The NSC spokesman, Abdullahi Maiwada, while rationalising what caused the stampede in Lagos said the avoidable incident happened “because Nigerians, who came for the exercise, did not obey simple instructions for the distribution of the items.” He added that the stampede was not because NCS was not properly coordinated but the “attitude of Nigerians”. Really? Hear him again: “We started an orderly process, and people benefited from it until Nigerians decided not to be orderly and conform to simple instructions and directives. That is what led to what happened. The CGC was at that scene from the beginning to the end of that process.
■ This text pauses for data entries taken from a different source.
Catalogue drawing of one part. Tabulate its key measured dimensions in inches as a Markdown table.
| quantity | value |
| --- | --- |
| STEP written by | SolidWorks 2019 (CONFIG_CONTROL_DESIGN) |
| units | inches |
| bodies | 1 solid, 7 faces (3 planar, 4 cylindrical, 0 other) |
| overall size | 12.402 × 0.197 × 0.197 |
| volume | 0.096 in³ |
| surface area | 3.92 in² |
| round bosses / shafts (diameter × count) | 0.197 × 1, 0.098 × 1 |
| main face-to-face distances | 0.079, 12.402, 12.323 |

He pleaded with them to comply with the simple directive, and that we have more than enough to distribute. Some Nigerians decided to go on a round trip. At a point, we stopped collecting money and started distributing it for free. But Nigerians, in their manner, started round-tripping and this is what caused what happened.” Thomas Erikson, author of “Surrounded by Psychopaths”, has an idea of characters like Maiwada and the system he represents. Erikson says what Maiwada said is the way psychopaths behave. The author gives a list of items on the psychopathy checklist to include “lack of remorse or guilt; callousness and lack of empathy; pathological lying; shallow affect (superficial emotional responsiveness and irresponsibility” (page 23-24). I add no more! As a people, Nigerians deserve a good life. The present government should note that and go after that. Stephen Watt, a UK professor of Philosophy, in his introductory notes in: Plato Republic, says living a good life “consists in being a certain sort of person rather than merely doing certain sorts of actions: from an act-centred morality where the primary question is ‘what should I do’? to an agent-centred morality where the primary question is ‘what sort of person should I be?’ Then I ask, again: Who are we, really?